There was a discussion over year and half ago here Picard Exception: Illegal Mate State regarding Picard Exception: Illegal Mate State, and there was a link to here https://github.com/jeff-k/resolvepairs explaining that the error is due to more than one pair of reads having the same query name. The proposed solution was to add unique id to the names of reads belonging to the same mate pair using the Resolvepair script, which failed for me on line 94. So, I have tried to first filter with samtools view -bq 4 accepted_hits.bam > filtered.bam, and then also add VALIDATION_STRINGENCY=LENIENT, but the error persisted. My command was:
/java -jar /SamToFastq.jar VALIDATION_STRINGENCY=LENIENT INPUT=filtered.bam FASTQ=read_1.fastq SECOND_END_FASTQ=read_2.fastq'
Is the Resolvepair the only solution? Did anyone encounter failure due to syntax error on line 94? Thank you
Yes, it worked, thank you. It found 178.1k pairs and 33k singletons. I also tried bam2fastx-based script I found here but it found 211.3k pairs and 29k singletons. [However, using bam2fastx (from tophat) on its own exits fast with Error couldn't retrieve both reads for pair HWI..., although file was sorted by name]. Would appreciate clarifications on the inconsistencies between the results from these different approaches. Samtools flagstat output on this Bam file is:
My Bam file is from Tophat, and I would like to re-analyze these reads after filtering again with Tophat. Is it important to integrate them back with paired reads for re-analysis? It appears from here that singletons are not passed on to Cufflinks by Tophat for FPKM, but since they mapped, I would think that the Tophat/Cufflinks pipeline would make use of them? Are singletons tend to be splice-junction reads?

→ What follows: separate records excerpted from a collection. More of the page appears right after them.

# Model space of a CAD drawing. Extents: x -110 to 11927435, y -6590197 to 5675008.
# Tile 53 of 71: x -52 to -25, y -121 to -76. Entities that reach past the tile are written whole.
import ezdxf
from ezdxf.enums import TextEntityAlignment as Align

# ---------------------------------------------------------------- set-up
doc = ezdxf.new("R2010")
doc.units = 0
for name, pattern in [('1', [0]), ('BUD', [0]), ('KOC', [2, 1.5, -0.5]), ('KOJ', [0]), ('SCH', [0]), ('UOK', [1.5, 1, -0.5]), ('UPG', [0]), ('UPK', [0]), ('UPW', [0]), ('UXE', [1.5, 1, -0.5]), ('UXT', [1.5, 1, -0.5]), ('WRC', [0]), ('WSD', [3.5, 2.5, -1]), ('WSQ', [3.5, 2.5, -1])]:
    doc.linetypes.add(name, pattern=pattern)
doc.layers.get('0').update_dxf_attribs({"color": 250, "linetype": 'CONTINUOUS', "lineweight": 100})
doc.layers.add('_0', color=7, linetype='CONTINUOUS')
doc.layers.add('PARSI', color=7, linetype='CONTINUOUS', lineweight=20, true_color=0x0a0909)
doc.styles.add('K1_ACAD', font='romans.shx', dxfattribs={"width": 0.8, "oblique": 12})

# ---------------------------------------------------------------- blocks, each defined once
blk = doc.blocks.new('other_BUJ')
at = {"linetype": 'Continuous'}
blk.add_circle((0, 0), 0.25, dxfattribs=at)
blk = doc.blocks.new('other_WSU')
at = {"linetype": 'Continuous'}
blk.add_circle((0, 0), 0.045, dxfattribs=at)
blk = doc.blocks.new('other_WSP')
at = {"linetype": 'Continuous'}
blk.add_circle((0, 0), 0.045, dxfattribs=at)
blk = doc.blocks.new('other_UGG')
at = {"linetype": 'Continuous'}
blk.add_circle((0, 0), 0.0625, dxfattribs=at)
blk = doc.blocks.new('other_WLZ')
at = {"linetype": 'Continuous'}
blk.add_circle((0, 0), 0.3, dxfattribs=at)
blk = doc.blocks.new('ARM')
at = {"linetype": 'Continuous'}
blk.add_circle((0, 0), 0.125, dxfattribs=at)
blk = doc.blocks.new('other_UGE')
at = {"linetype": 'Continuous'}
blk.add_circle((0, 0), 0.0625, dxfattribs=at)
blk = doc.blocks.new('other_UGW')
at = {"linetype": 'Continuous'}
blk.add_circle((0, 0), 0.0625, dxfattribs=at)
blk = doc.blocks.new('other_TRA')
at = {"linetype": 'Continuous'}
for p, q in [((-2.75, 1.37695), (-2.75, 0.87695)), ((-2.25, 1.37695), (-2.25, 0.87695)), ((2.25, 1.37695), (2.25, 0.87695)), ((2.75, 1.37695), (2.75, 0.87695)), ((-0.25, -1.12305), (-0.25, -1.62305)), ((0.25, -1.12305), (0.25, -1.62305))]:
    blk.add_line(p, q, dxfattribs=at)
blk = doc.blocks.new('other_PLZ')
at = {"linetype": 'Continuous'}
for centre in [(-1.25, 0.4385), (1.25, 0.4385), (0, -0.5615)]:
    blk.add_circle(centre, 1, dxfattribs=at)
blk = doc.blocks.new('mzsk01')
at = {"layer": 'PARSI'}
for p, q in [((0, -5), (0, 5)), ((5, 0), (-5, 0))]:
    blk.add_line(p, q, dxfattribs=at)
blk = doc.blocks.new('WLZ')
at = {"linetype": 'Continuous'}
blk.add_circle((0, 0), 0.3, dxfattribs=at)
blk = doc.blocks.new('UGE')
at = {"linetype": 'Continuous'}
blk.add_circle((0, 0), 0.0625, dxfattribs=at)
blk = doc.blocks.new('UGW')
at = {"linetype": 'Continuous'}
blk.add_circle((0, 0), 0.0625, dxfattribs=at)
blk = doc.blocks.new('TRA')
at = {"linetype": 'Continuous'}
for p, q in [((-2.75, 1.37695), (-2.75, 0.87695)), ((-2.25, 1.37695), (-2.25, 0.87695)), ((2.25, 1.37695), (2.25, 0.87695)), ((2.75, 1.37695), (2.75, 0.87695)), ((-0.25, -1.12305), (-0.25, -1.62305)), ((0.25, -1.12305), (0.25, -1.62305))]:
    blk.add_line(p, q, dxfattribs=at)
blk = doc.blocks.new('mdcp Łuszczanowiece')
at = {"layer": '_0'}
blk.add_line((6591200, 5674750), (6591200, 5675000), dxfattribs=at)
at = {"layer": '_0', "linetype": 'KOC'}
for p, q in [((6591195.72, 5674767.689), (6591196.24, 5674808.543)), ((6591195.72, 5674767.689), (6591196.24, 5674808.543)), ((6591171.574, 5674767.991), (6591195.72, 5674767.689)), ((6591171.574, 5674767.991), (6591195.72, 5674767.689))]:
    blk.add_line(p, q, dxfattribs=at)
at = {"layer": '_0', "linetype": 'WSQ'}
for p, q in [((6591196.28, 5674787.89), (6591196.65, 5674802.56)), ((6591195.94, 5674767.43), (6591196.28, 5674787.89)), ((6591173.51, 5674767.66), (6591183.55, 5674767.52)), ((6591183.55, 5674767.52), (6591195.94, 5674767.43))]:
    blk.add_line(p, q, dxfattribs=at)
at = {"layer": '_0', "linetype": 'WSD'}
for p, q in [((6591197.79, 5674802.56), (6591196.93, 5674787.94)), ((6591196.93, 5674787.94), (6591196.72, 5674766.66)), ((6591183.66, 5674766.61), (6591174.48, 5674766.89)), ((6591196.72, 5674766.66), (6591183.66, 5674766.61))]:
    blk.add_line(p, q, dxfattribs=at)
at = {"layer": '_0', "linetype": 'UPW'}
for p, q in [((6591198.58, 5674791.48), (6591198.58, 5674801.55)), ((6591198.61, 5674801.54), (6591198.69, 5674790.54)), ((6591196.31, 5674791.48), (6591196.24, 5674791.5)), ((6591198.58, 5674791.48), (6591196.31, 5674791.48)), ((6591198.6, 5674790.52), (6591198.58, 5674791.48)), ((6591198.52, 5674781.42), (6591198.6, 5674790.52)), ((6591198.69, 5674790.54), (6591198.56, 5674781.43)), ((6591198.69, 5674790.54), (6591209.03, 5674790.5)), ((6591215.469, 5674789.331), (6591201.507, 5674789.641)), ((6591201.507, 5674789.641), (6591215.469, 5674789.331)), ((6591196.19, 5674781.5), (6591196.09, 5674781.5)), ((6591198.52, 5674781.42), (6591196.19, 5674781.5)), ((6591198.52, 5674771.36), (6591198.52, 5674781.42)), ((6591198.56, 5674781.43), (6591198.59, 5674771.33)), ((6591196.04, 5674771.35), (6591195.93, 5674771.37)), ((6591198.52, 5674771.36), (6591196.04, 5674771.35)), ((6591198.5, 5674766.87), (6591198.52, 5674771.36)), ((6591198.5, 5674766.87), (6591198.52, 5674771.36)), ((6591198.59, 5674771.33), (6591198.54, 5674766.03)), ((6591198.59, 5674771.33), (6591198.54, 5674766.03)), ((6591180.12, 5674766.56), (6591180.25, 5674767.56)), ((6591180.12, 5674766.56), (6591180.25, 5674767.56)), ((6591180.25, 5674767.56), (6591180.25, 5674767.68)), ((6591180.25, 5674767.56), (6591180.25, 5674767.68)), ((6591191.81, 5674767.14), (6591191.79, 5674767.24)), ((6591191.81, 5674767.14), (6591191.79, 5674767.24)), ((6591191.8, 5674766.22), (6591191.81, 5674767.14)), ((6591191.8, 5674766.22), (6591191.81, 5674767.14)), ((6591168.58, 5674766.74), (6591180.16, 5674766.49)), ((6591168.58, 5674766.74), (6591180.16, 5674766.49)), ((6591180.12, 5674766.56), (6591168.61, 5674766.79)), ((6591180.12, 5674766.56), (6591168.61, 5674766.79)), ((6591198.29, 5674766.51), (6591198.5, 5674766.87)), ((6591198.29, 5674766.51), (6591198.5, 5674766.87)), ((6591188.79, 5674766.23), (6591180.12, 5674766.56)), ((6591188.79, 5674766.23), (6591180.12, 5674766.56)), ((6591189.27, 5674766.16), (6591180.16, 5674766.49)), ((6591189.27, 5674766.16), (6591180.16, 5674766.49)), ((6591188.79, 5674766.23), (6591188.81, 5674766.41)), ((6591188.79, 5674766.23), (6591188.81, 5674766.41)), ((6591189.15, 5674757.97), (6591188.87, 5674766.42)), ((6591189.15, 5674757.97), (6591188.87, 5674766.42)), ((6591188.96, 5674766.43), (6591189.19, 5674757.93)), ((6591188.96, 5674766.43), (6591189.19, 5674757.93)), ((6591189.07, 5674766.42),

Hi! @Dan D. I encountered the same problem as @trakhtenberg did. I tried your method using bedtools. There were a lot of warning indicating that a read has a missing pair when the program was running, eg. "*WARNING: Query HWI-ST1061:191:C0LK6ACXX:5:1315:18250:10889 is marked as paired, but it's mate does not occur next to it in your BAM file. Skipping. "
If each warning refers to a missing read, the total number (330000), in my case, was more than that of the missing reads using picardtools/SamToFastq (271000). Did you saw the same warning when using bedtools?